Она стала умолять меня ей помочь. Я сказал, что контора открывается по вечерам для отправки и встречи курьеров только с десяти часов (что было правдой). Сейчас восемь часов. Бесполезно идти туда, чтобы два часа мерзнуть на улице возле закрытых дверей конюшен. И Леоне не сумеет добиться, чтобы двери открыли. У нас есть время. А пока лучше будет еще немного погреться.
По всему видать, тепло ее соблазняло. Она сжалась в комок в своем кресле.
— Вы меня не обманываете? — сказала она.
Кому бы захотелось ее обмануть? Я был удивлен разумностью повреждений, произведенных агонией в этом столь гордом уме. Она начала безостановочно говорить, явно во власти бреда. Не кто иной, как ее брат Жан, запал ей в голову, но она путала его со своим сыном. Я с трудом следил за нитью ее рассказа. Не всякому воображению по силам заставить славного Леонса, увязнувшего в сладком сиропе счастья и добродетели, действовать по планам прежнего Аякса-опустошителя.
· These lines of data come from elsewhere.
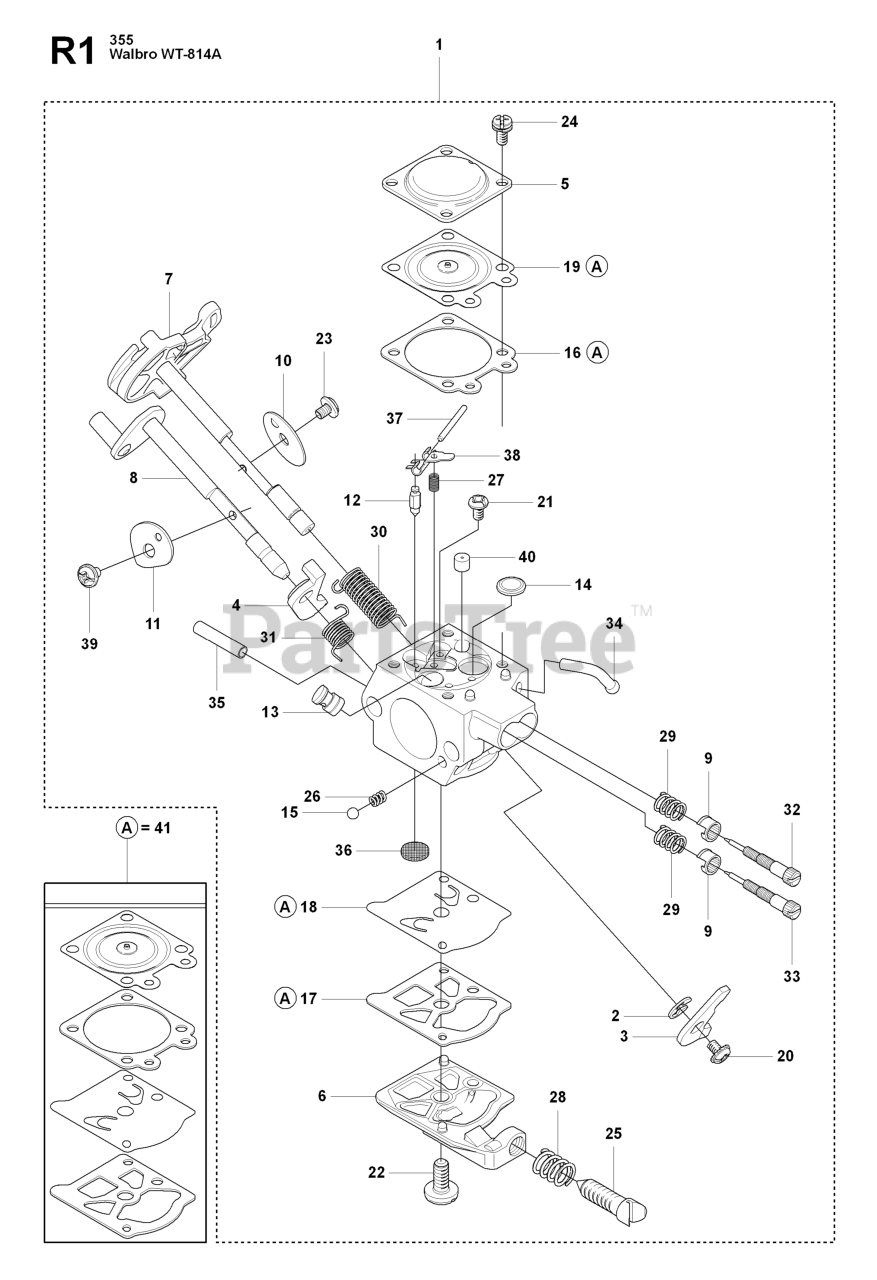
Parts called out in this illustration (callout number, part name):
1	CARBURETOR WT-814A
2	E CLIP
5	DIAPHRAGM COVER
9	LIMITER CAP
12	INLET NEEDLE
14	PLUG
18	DIAPHRAGM, FUEL PUMP
19	METERING DIAPHRAGM
23	SCREW
24	RP SCREW W/ WASHER
28	SPRING
36	FUEL INLET SCREEN
37	FULCRUM PIN
41	GASKET SET
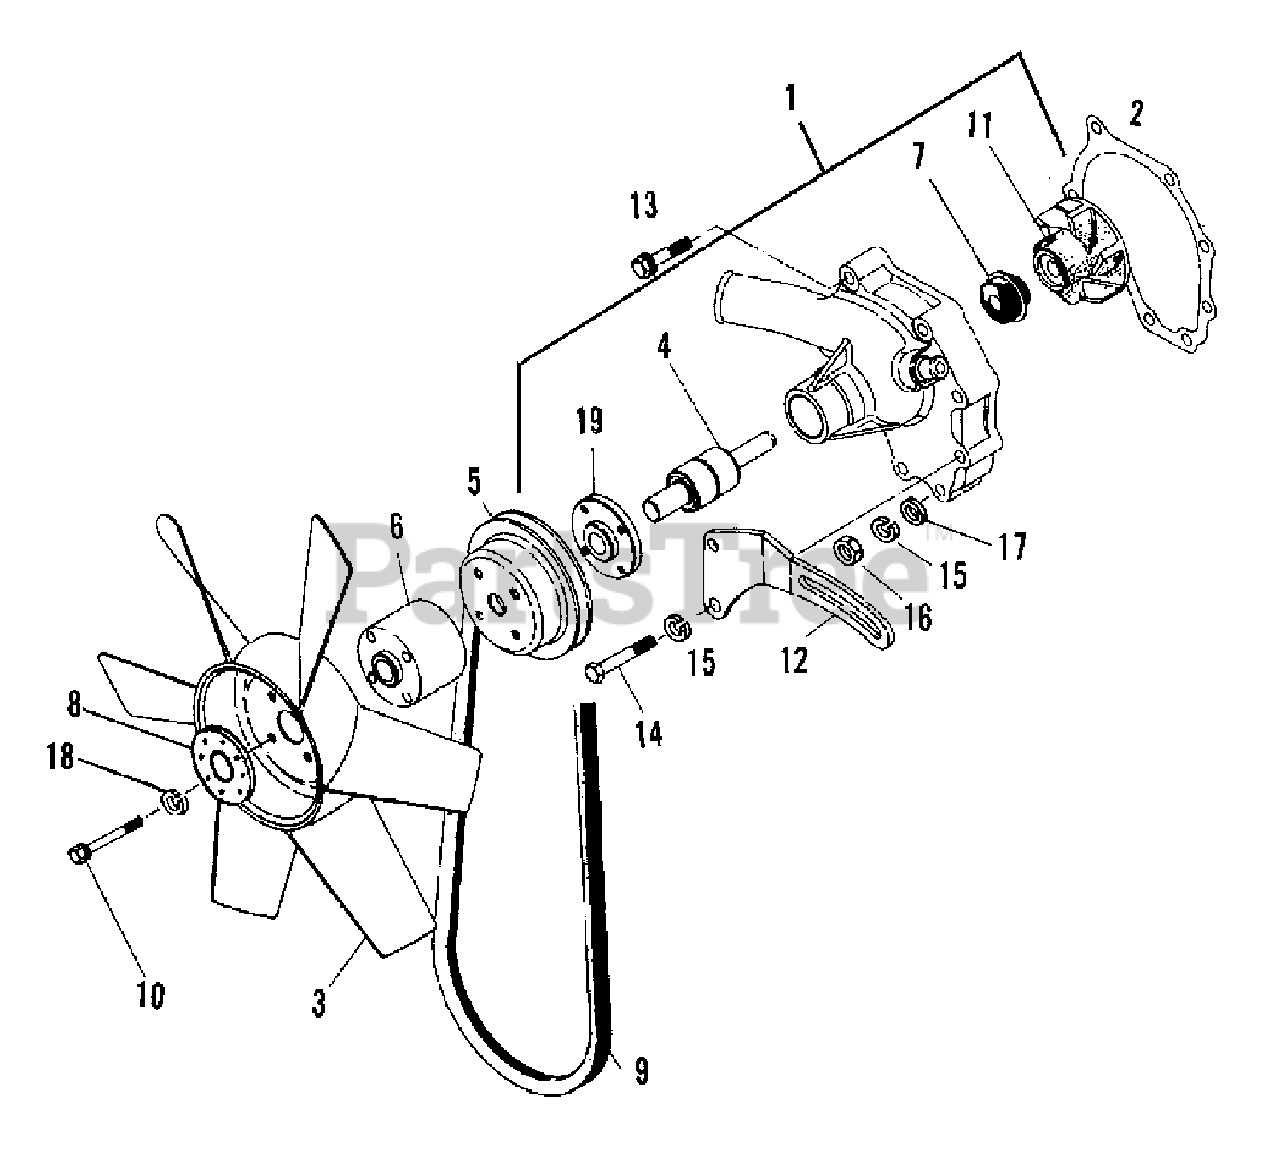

И в самом деле, нужна была помощь смерти, чтобы внести во всю эту мешанину поразительную логичность.
Я задавался вопросом, откуда Жюли берет несметное множество подробностей, которые создавали правдоподобие, удивительно похожее на правду, и из которых складывалось представление о ней как о личности, наделенной беспримерным двоедушием. А ведь она всегда была бесхитростна. Никогда не боролась с нами нашим собственным оружием и вот теперь предавалась лицемерным измышлениям куда лучше, чем какой-нибудь завзятый лицемер.